(Data provided begins)
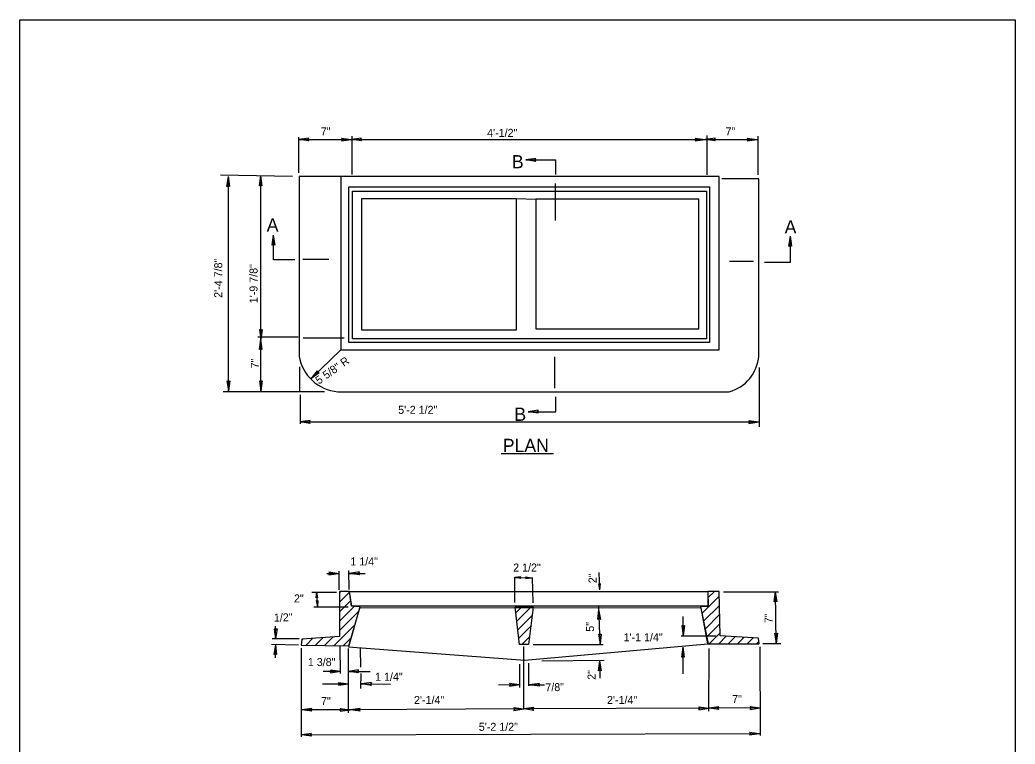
# Model space of a CAD drawing. Extents: x 0.7 to 8.1, y 0.4 to 10.6.
# Drawn here: x 0.66 to 8.12, y 5.19 to 10.63 of the extents above; entities that cross this region are included whole.
import ezdxf

# ---------------------------------------------------------------- set-up
doc = ezdxf.new("R2010")
doc.units = 0
for name, color, linetype in [('DETL-DIMS', 7, 'Continuous'), ('DETL-LINE', 7, 'Continuous'), ('DETL-NOTE', 7, 'Continuous'), ('DETL-TITL', 7, 'Continuous')]:
    doc.layers.add(name, color=color, linetype=linetype)

msp = doc.modelspace()

# ---------------------------------------------------------------- linework, layer by layer
at = {"layer": 'DETL-DIMS'}
for p, q in [((2.7543, 9.478), (2.7543, 9.7472)), ((2.8293, 9.7399), (2.7543, 9.729)), ((2.7543, 9.729), (3.1505, 9.729)), ((2.8293, 9.718), (2.7543, 9.729)), ((2.8293, 9.7399), (2.8199, 9.729)), ((2.8293, 9.718), (2.8199, 9.729)), ((3.0755, 9.7399), (3.1505, 9.729)), ((3.0755, 9.7399), (3.0849, 9.729)), ((3.0755, 9.718), (3.1505, 9.729)), ((3.0755, 9.718), (3.0849, 9.729)), ((3.2255, 9.7399), (3.1505, 9.729)), ((3.1505, 9.729), (5.8026, 9.729)), ((3.2255, 9.718), (3.1505, 9.729)), ((3.1541, 9.4671), (3.1541, 9.7544)), ((3.2255, 9.7399), (3.2161, 9.729)), ((3.2255, 9.718), (3.2161, 9.729)), ((5.7276, 9.718), (5.8027, 9.729)), ((5.7276, 9.718), (5.737, 9.729)), ((5.7277, 9.7399), (5.8027, 9.729)), ((5.7277, 9.7399), (5.737, 9.729)), ((5.8026, 9.729), (6.1916, 9.729)), ((5.8777, 9.7399), (5.8027, 9.729)), ((5.8777, 9.718), (5.8027, 9.729)), ((5.8172, 9.4636), (5.8172, 9.7582)), ((5.8777, 9.7399), (5.8683, 9.729)), ((5.8777, 9.718), (5.8683, 9.729)), ((6.1166, 9.7399), (6.1916, 9.729)), ((6.1166, 9.7399), (6.126, 9.729)), ((6.1166, 9.718), (6.1916, 9.729)), ((6.1166, 9.718), (6.126, 9.729)), ((6.1989, 9.4636), (6.1989, 9.7546)), ((4.5327, 9.587), (4.4576, 9.576)), ((4.5326, 9.5651), (4.4576, 9.576)), ((4.5327, 9.587), (4.5232, 9.576)), ((4.5326, 9.5651), (4.5232, 9.576)), ((2.7086, 9.4507), (2.1675, 9.4602)), ((2.2162, 9.3776), (2.2271, 9.4526)), ((2.2271, 7.8427), (2.2271, 9.4526)), ((2.238, 9.3776), (2.2271, 9.4526)), ((2.4597, 9.3812), (2.4706, 9.4562)), ((2.4706, 8.2282), (2.4706, 9.4562)), ((2.4816, 9.3812), (2.4706, 9.4562)), ((2.2162, 9.3776), (2.2271, 9.3869)), ((2.238, 9.3776), (2.2271, 9.3869)), ((2.4597, 9.3812), (2.4706, 9.3906)), ((2.4816, 9.3812), (2.4706, 9.3906)), ((4.6758, 9.3979), (4.6758, 9.1207)), ((2.5547, 8.9369), (2.5657, 9.0119)), ((2.5766, 8.9368), (2.5657, 9.0119)), ((6.4297, 8.9281), (6.4407, 9.0031)), ((6.4516, 8.9281), (6.4407, 9.0031)), ((2.5547, 8.9369), (2.5657, 8.9463)), ((2.5766, 8.9368), (2.5657, 8.9463)), ((6.4297, 8.9281), (6.4407, 8.9375)), ((6.4516, 8.9281), (6.4407, 8.9375)), ((2.9813, 8.8275), (2.7842, 8.8275)), ((5.9837, 8.8169), (6.1633, 8.8169)), ((2.4597, 8.3033), (2.4706, 8.2282)), ((2.4597, 8.3033), (2.4706, 8.2938)), ((2.4816, 8.3032), (2.4706, 8.2282)), ((2.4816, 8.3032), (2.4706, 8.2938)), ((2.7505, 8.2464), (2.4488, 8.2464)), ((2.4597, 8.1532), (2.4706, 8.2282)), ((2.4706, 7.8427), (2.4706, 8.2282)), ((2.4816, 8.1532), (2.4706, 8.2282)), ((3.0959, 8.2391), (2.7869, 8.2391)), ((2.4597, 8.1532), (2.4706, 8.1626)), ((2.4816, 8.1532), (2.4706, 8.1626)), ((3.0702, 8.1505), (2.8461, 7.9346)), ((4.6751, 7.8641), (4.6751, 8.0976)), ((2.7614, 8.0246), (2.7614, 7.8427)), ((2.8925, 7.9945), (2.8461, 7.9346)), ((2.8925, 7.9945), (2.8933, 7.9801)), ((6.2089, 7.5736), (6.2089, 8.0173)), ((2.2162, 7.9177), (2.2271, 7.8427)), ((2.2162, 7.9177), (2.2271, 7.9083)), ((2.238, 7.9177), (2.2271, 7.8427)), ((2.238, 7.9177), (2.2271, 7.9083)), ((2.4597, 7.9177), (2.4706, 7.8427)), ((2.4597, 7.9177), (2.4706, 7.9083)), ((2.4816, 7.9177), (2.4706, 7.8427)), ((2.4816, 7.9177), (2.4706, 7.9083)), ((2.9077, 7.9787), (2.8461, 7.9346)), ((2.9077, 7.9787), (2.8933, 7.9801)), ((2.9468, 7.8354), (2.1871, 7.8354)), ((2.7651, 7.8136), (2.7651, 7.5954)), ((4.5502, 7.698), (4.4752, 7.687)), ((4.5502, 7.6761), (4.4752, 7.687)), ((4.5502, 7.698), (4.5408, 7.687)), ((4.5502, 7.6761), (4.5408, 7.687)), ((2.8393, 7.6209), (2.7643, 7.61)), ((2.8393, 7.6209), (2.8299, 7.61)), ((6.128, 7.6209), (6.203, 7.61)), ((6.128, 7.6209), (6.1374, 7.61)), ((2.7643, 7.61), (6.203, 7.61)), ((2.8393, 7.599), (2.7643, 7.61)), ((2.8393, 7.599), (2.8299, 7.61)), ((6.128, 7.599), (6.203, 7.61)), ((6.128, 7.599), (6.1374, 7.61)), ((3.1336, 6.3524), (3.1291, 6.4947)), ((2.9659, 6.4737), (3.0558, 6.4737)), ((2.9808, 6.4847), (3.0558, 6.4737)), ((2.9808, 6.4847), (2.9901, 6.4737)), ((2.9808, 6.4628), (3.0558, 6.4737)), ((2.9808, 6.4628), (2.9901, 6.4737)), ((3.0588, 6.3509), (3.0573, 6.4902)), ((3.2101, 6.4847), (3.1351, 6.4737)), ((3.1351, 6.4737), (3.2519, 6.4737)), ((3.2101, 6.4628), (3.1351, 6.4737)), ((3.2101, 6.4847), (3.2008, 6.4737)), ((3.2101, 6.4628), (3.2008, 6.4737)), ((4.3757, 6.2563), (4.3735, 6.4448)), ((4.4208, 6.4483), (4.3757, 6.4426)), ((4.3757, 6.4426), (4.4998, 6.4403)), ((4.4206, 6.4352), (4.3757, 6.4426)), ((4.4208, 6.4483), (4.4151, 6.4418)), ((4.4206, 6.4352), (4.4151, 6.4418)), ((4.4547, 6.4346), (4.4605, 6.441)), ((4.4547, 6.4346), (4.4998, 6.4403)), ((4.455, 6.4477), (4.4998, 6.4403)), ((4.455, 6.4477), (4.4605, 6.441)), ((4.5109, 6.2541), (4.5065, 6.4426)), ((5.0052, 6.4803), (5.0096, 6.3516)), ((5.0015, 6.3964), (5.0097, 6.3516)), ((5.0015, 6.3964), (5.0083, 6.391)), ((5.0147, 6.3968), (5.0083, 6.391)), ((5.0147, 6.3968), (5.0097, 6.3516)), ((2.8536, 6.3329), (3.0378, 6.3329)), ((2.8848, 6.2892), (2.8896, 6.3344)), ((2.8848, 6.2892), (2.8912, 6.2951)), ((2.8857, 6.2698), (2.8941, 6.225)), ((2.8857, 6.2698), (2.8924, 6.2644)), ((2.894, 6.225), (2.8896, 6.3344)), ((2.898, 6.2897), (2.8896, 6.3344)), ((2.898, 6.2897), (2.8912, 6.2951)), ((2.8988, 6.2702), (2.8924, 6.2644)), ((2.8988, 6.2702), (2.8941, 6.225)), ((5.9401, 6.3362), (6.3524, 6.3362)), ((6.3184, 6.261), (6.328, 6.3362)), ((6.3184, 6.261), (6.3292, 6.2706)), ((6.3347, 5.9503), (6.328, 6.3362)), ((6.3403, 6.2614), (6.328, 6.3362)), ((6.3403, 6.2614), (6.3292, 6.2706)), ((2.8671, 6.2235), (3.1246, 6.2235)), ((4.9968, 6.1277), (5.0052, 6.2031)), ((5.0141, 5.9436), (5.0044, 6.227)), ((5.0187, 6.1284), (5.0052, 6.2031)), ((4.9968, 6.1277), (5.0074, 6.1375)), ((5.0187, 6.1284), (5.0074, 6.1375)), ((5.6365, 6.008), (5.6365, 6.1499)), ((2.5701, 6.0583), (2.5798, 5.9831)), ((2.5701, 6.0583), (2.5809, 6.0488)), ((2.5798, 5.9831), (2.5814, 6.0786)), ((2.592, 6.0579), (2.5798, 5.9831)), ((2.592, 6.0579), (2.5809, 6.0488)), ((5.6255, 6.083), (5.6365, 6.008)), ((5.6255, 6.083), (5.6365, 6.0736)), ((5.6474, 6.083), (5.6365, 6.008)), ((5.6474, 6.083), (5.6365, 6.0736)), ((2.758, 5.9831), (2.5544, 5.9831)), ((5.0006, 6.0182), (5.0141, 5.9436)), ((5.0006, 6.0182), (5.0118, 6.0092)), ((5.0224, 6.0189), (5.0118, 6.0092)), ((5.0224, 6.0189), (5.0141, 5.9436)), ((5.621, 6.0058), (5.8803, 6.0058)), ((6.3224, 6.0252), (6.3347, 5.9503)), ((6.3224, 6.0252), (6.3335, 6.0159)), ((6.3443, 6.0255), (6.3335, 6.0159)), ((6.3443, 6.0255), (6.3347, 5.9503)), ((2.5496, 5.9417), (2.7516, 5.9386)), ((2.5697, 5.8655), (2.583, 5.9402)), ((2.5798, 5.8415), (2.583, 5.9402)), ((2.5915, 5.8648), (2.583, 5.9402)), ((2.7751, 5.2482), (2.7751, 5.9134)), ((3.0666, 5.7221), (3.065, 5.9242)), ((3.1288, 5.4286), (3.1288, 5.9098)), ((3.2209, 5.7699), (3.2177, 5.9131)), ((4.5131, 5.9392), (5.0362, 5.9392)), ((5.6255, 5.8443), (5.6365, 5.9193)), ((5.6365, 5.7197), (5.6365, 5.9193)), ((5.6474, 5.8443), (5.6365, 5.9193)), ((5.8282, 5.439), (5.8305, 5.9091)), ((6.2162, 5.2588), (6.2126, 5.924)), ((6.2349, 5.9481), (6.3679, 5.9481)), ((2.5697, 5.8655), (2.5809, 5.8746)), ((2.5915, 5.8648), (2.5809, 5.8746)), ((4.577, 5.8173), (5.0447, 5.8217)), ((5.6255, 5.8443), (5.6365, 5.8537)), ((5.6474, 5.8443), (5.6365, 5.8537)), ((2.9916, 5.7506), (3.0666, 5.7396)), ((2.9916, 5.7506), (3.0009, 5.7396)), ((3.2036, 5.749), (3.1286, 5.738)), ((3.2036, 5.749), (3.1942, 5.738)), ((4.4127, 5.6177), (4.4127, 5.7939)), ((4.4791, 5.6307), (4.48, 5.7994)), ((5.0018, 5.7421), (5.0114, 5.8173)), ((5.0018, 5.7421), (5.0125, 5.7517)), ((5.0136, 5.6887), (5.0114, 5.8173)), ((5.0237, 5.7425), (5.0114, 5.8173)), ((5.0237, 5.7425), (5.0125, 5.7517)), ((2.9377, 5.7396), (3.0666, 5.7396)), ((2.9916, 5.7287), (3.0666, 5.7396)), ((2.9916, 5.7287), (3.0009, 5.7396)), ((3.1286, 5.738), (3.2893, 5.738)), ((3.2036, 5.7271), (3.1286, 5.738)), ((3.2036, 5.7271), (3.1942, 5.738)), ((3.2209, 5.6091), (3.2225, 5.7237)), ((2.933, 5.6441), (3.1286, 5.6457)), ((3.0535, 5.6561), (3.1286, 5.6457)), ((3.0535, 5.6561), (3.063, 5.6452)), ((3.0537, 5.6342), (3.1286, 5.6457)), ((3.0537, 5.6342), (3.063, 5.6452)), ((3.3007, 5.6545), (3.2256, 5.6442)), ((3.3006, 5.6327), (3.2256, 5.6442)), ((3.2256, 5.6441), (3.4436, 5.6426)), ((3.3007, 5.6545), (3.2913, 5.6437)), ((3.3006, 5.6327), (3.2913, 5.6437)), ((4.2533, 5.6371), (4.41, 5.639)), ((4.3348, 5.649), (4.41, 5.639)), ((4.3348, 5.649), (4.3443, 5.6382)), ((4.3351, 5.6271), (4.41, 5.639)), ((4.3351, 5.6271), (4.3443, 5.6382)), ((4.5588, 5.6484), (4.4837, 5.638)), ((4.4837, 5.638), (4.598, 5.6371)), ((4.5586, 5.6265), (4.4837, 5.638)), ((4.5588, 5.6484), (4.5493, 5.6375)), ((4.5586, 5.6265), (4.5493, 5.6375)), ((2.8537, 5.4608), (2.7787, 5.4498)), ((3.1394, 5.4498), (2.7787, 5.4498)), ((2.8537, 5.4389), (2.7787, 5.4498)), ((2.8537, 5.4608), (2.8443, 5.4498)), ((2.8537, 5.4389), (2.8443, 5.4498)), ((3.0644, 5.4608), (3.1394, 5.4498)), ((3.0644, 5.4608), (3.0738, 5.4498)), ((3.0644, 5.4389), (3.1394, 5.4498)), ((3.0644, 5.4389), (3.0738, 5.4498)), ((4.4432, 5.4569), (3.1288, 5.4498)), ((3.2143, 5.4612), (3.1394, 5.4498)), ((3.2144, 5.4393), (3.1394, 5.4498)), ((3.2143, 5.4612), (3.205, 5.4502)), ((3.2144, 5.4393), (3.205, 5.4502)), ((4.3681, 5.4674), (4.4432, 5.4569)), ((4.3681, 5.4674), (4.3775, 5.4565)), ((4.3682, 5.4455), (4.4432, 5.4569)), ((4.3682, 5.4455), (4.3775, 5.4565)), ((4.5181, 5.4681), (4.4432, 5.4569)), ((5.8283, 5.4625), (4.4432, 5.4569)), ((4.5182, 5.4463), (4.4432, 5.4569)), ((4.5181, 5.4681), (4.5088, 5.4572)), ((4.5182, 5.4463), (4.5088, 5.4572)), ((5.7532, 5.4731), (5.8283, 5.4624)), ((5.7532, 5.4731), (5.7627, 5.4622)), ((5.7533, 5.4512), (5.8283, 5.4624)), ((5.7533, 5.4512), (5.7627, 5.4622)), ((5.9032, 5.4737), (5.8283, 5.4624)), ((6.2126, 5.464), (5.8283, 5.4625)), ((5.9033, 5.4518), (5.8283, 5.4624)), ((5.9032, 5.4737), (5.8939, 5.4627)), ((5.9033, 5.4518), (5.8939, 5.4627)), ((6.1376, 5.4746), (6.2126, 5.464)), ((6.1376, 5.4746), (6.147, 5.4637)), ((6.1376, 5.4746), (6.2126, 5.464)), ((6.1376, 5.4746), (6.147, 5.4637)), ((6.1377, 5.4527), (6.2126, 5.464)), ((6.1377, 5.4527), (6.2126, 5.464)), ((6.1377, 5.4527), (6.147, 5.4637)), ((6.1377, 5.4527), (6.147, 5.4637)), ((2.8501, 5.2735), (2.7751, 5.2623)), ((2.7751, 5.2623), (6.2091, 5.2729)), ((2.8502, 5.2516), (2.7751, 5.2623)), ((2.8501, 5.2735), (2.8407, 5.2625)), ((2.8502, 5.2516), (2.8407, 5.2625)), ((6.1341, 5.2836), (6.2091, 5.2729)), ((6.1341, 5.2836), (6.1435, 5.2727)), ((6.1341, 5.2618), (6.2091, 5.2729)), ((6.1341, 5.2618), (6.1435, 5.2727))]:
    msp.add_line(p, q, dxfattribs=at)
for points in [[(4.4576, 9.576), (4.6785, 9.576), (4.6785, 9.4662)], [(2.7242, 8.8261), (2.5656, 8.8261), (2.5656, 9.0119)], [(6.2452, 8.8085), (6.4407, 8.8085), (6.4407, 9.0031)], [(4.4752, 7.687), (4.6818, 7.687), (4.6818, 7.798)]]:
    msp.add_lwpolyline(points, dxfattribs=at)
at = {"layer": 'DETL-LINE'}
for p, q in [((2.7565, 9.4522), (2.7565, 8.1044)), ((3.0702, 9.4504), (2.7565, 9.4522)), ((6.2027, 9.4337), (5.9259, 9.4337)), ((6.2027, 8.1044), (6.2027, 9.4337)), ((4.385, 9.286), (4.5327, 9.2814)), ((3.0471, 7.8367), (5.9813, 7.8367)), ((3.0604, 6.1862), (3.1441, 6.2699)), ((3.0606, 6.2571), (3.1354, 6.3319)), ((3.0608, 6.328), (3.0713, 6.3385)), ((5.7775, 6.1735), (5.9075, 6.3035)), ((5.8227, 6.2895), (5.8723, 6.3391)), ((3.0601, 6.1152), (3.1709, 6.226)), ((4.3824, 6.1784), (4.4241, 6.2201)), ((4.3895, 6.1148), (4.4943, 6.2196)), ((5.7894, 6.1147), (5.9087, 6.234)), ((3.0599, 6.0443), (3.2056, 6.1899)), ((4.3966, 6.0512), (4.5039, 6.1585)), ((5.8013, 6.0559), (5.9099, 6.1645)), ((3.0177, 5.9313), (3.1768, 6.0905)), ((4.4038, 5.9877), (4.494, 6.0779)), ((5.8132, 5.9971), (5.9111, 6.095)), ((2.7774, 5.9739), (2.7849, 5.9814)), ((2.8092, 5.935), (2.861, 5.9868)), ((2.8787, 5.9338), (2.9371, 5.9922)), ((2.9482, 5.9326), (3.0132, 5.9976)), ((3.0872, 5.9301), (3.148, 5.991)), ((4.4283, 5.9415), (4.4841, 5.9973)), ((5.8324, 5.9456), (5.9123, 6.0255)), ((5.9031, 5.9456), (5.9596, 6.0021)), ((5.9739, 5.9456), (6.0264, 5.9982)), ((6.0446, 5.9456), (6.0933, 5.9943)), ((6.1153, 5.9456), (6.1601, 5.9905)), ((4.4432, 5.4565), (4.4422, 5.9248)), ((6.186, 5.9456), (6.2036, 5.9632))]:
    msp.add_line(p, q, dxfattribs=at)
for points in [[(3.0702, 8.1505), (5.9075, 8.1505), (5.9075, 9.4504), (3.0702, 9.4504)], [(3.1302, 9.3737), (5.8336, 9.3737), (5.8336, 8.2059), (3.1302, 8.2059)], [(3.1578, 9.3414), (5.8106, 9.3414), (5.8106, 8.2336), (3.1578, 8.2336)], [(4.385, 8.2982), (3.227, 8.2982), (3.227, 9.286), (4.385, 9.286)], [(4.5327, 8.3075), (5.7552, 8.3075), (5.7552, 9.2814), (4.5327, 9.2814)], [(3.0608, 6.3385), (3.0598, 6.0009), (2.7781, 5.9809), (2.7738, 5.9357), (3.1302, 5.9294), (3.2154, 6.2238), (3.1502, 6.227), (3.1344, 6.3385)], [(3.1344, 6.3385), (5.8227, 6.3391), (5.8229, 6.227), (3.1527, 6.227)], [(5.8236, 5.9456), (6.206, 5.9456), (6.2001, 5.9881), (5.9127, 6.0048), (5.9069, 6.3391), (5.8227, 6.3391), (5.8227, 6.2257), (5.7669, 6.2257)], [(3.2113, 6.2123), (3.1271, 5.9228), (4.4493, 5.8239), (5.8227, 5.9448), (5.7716, 6.216)], [(4.5114, 6.2195), (4.4772, 5.9415), (4.409, 5.9415), (4.3777, 6.2204)]]:
    msp.add_lwpolyline(points, close=True, dxfattribs=at)
for centre, radius, start, end in [((3.077, 8.1607), 0.3254, 189.97018, 264.7334), ((5.9063, 8.1241), 0.297, 284.61206, 356.19507)]:
    msp.add_arc(centre, radius, start, end, dxfattribs=at)
at = {"layer": 'DETL-NOTE'}
msp.add_lwpolyline([(0.6641, 10.6264), (8.125, 10.6264), (8.125, 0.375), (0.6641, 0.375)], close=True, dxfattribs=at)
at = {"layer": 'DETL-TITL'}
msp.add_line((4.2715, 7.3721), (4.6655, 7.3721), dxfattribs=at)

# ---------------------------------------------------------------- texts
at = {"layer": 'DETL-DIMS'}
msp.add_text('5 5/8" R', height=0.06, rotation=35.34876, dxfattribs=at).set_placement((2.9059, 7.8894))
at = {"layer": 'DETL-NOTE'}
for s, p in [('7"', (2.9196, 9.7592)), ('4\'-1/2"', (4.1668, 9.749)), ('7"', (5.9537, 9.7592)), ('5\'-2 1/2"', (3.4999, 7.6709)), ('1 1/4"', (3.1412, 6.5333)), ('2 1/2"', (4.3621, 6.4878)), ('1\'-1 1/4"', (5.1895, 5.9643)), ('1 3/8"', (2.8227, 5.7784)), ('1 1/4"', (3.327, 5.6684)), ('7"', (2.9213, 5.4863)), ('2\'-1/4"', (3.6186, 5.4939)), ('2\'-1/4"', (5.0654, 5.4939)), ('7"', (6.0038, 5.5015)), ('5\'-2 1/2"', (4.1043, 5.2928))]:
    msp.add_text(s, height=0.06, dxfattribs=at).set_placement(p)
for s, rotation, p in [('2\'-4 7/8"', 90, (2.1809, 8.5413)), ('1\'-9 7/8"', 90, (2.4456, 8.5006)), ('7"', 90, (2.4558, 8.0116)), ('2"', 90, (4.9873, 6.4002)), ('2"', 360, (2.7187, 6.2557)), ('1/2"', 1.46756, (2.5691, 6.1118)), ('7"', 90, (6.3068, 6.1005)), ('5"', 90, (4.9684, 6.036)), ('2"', 90, (4.9798, 5.6756)), ('7/8"', 1.46756, (4.604, 5.5883))]:
    msp.add_text(s, height=0.06, rotation=rotation, dxfattribs=at).set_placement(p)
at = {"layer": 'DETL-TITL'}
for s, p in [('B', (4.3522, 9.5131)), ('A', (2.5145, 9.0382)), ('A', (6.3973, 9.024)), ('B', (4.3712, 7.6182)), ('PLAN', (4.284, 7.3845))]:
    msp.add_text(s, height=0.099, dxfattribs=at).set_placement(p)

doc.saveas('drawing.dxf')
(Data provided ends)
▶ _Problem details_:
Show each line in the listing above that has "dxfattribs".

▶ _Result for this exercise_:
    msp.add_line(p, q, dxfattribs=at)
    msp.add_lwpolyline(points, dxfattribs=at)
    msp.add_line(p, q, dxfattribs=at)
    msp.add_lwpolyline(points, close=True, dxfattribs=at)
    msp.add_arc(centre, radius, start, end, dxfattribs=at)
msp.add_lwpolyline([(0.6641, 10.6264), (8.125, 10.6264), (8.125, 0.375), (0.6641, 0.375)], close=True, dxfattribs=at)
msp.add_line((4.2715, 7.3721), (4.6655, 7.3721), dxfattribs=at)
msp.add_text('5 5/8" R', height=0.06, rotation=35.34876, dxfattribs=at).set_placement((2.9059, 7.8894))
    msp.add_text(s, height=0.06, dxfattribs=at).set_placement(p)
    msp.add_text(s, height=0.06, rotation=rotation, dxfattribs=at).set_placement(p)
    msp.add_text(s, height=0.099, dxfattribs=at).set_placement(p)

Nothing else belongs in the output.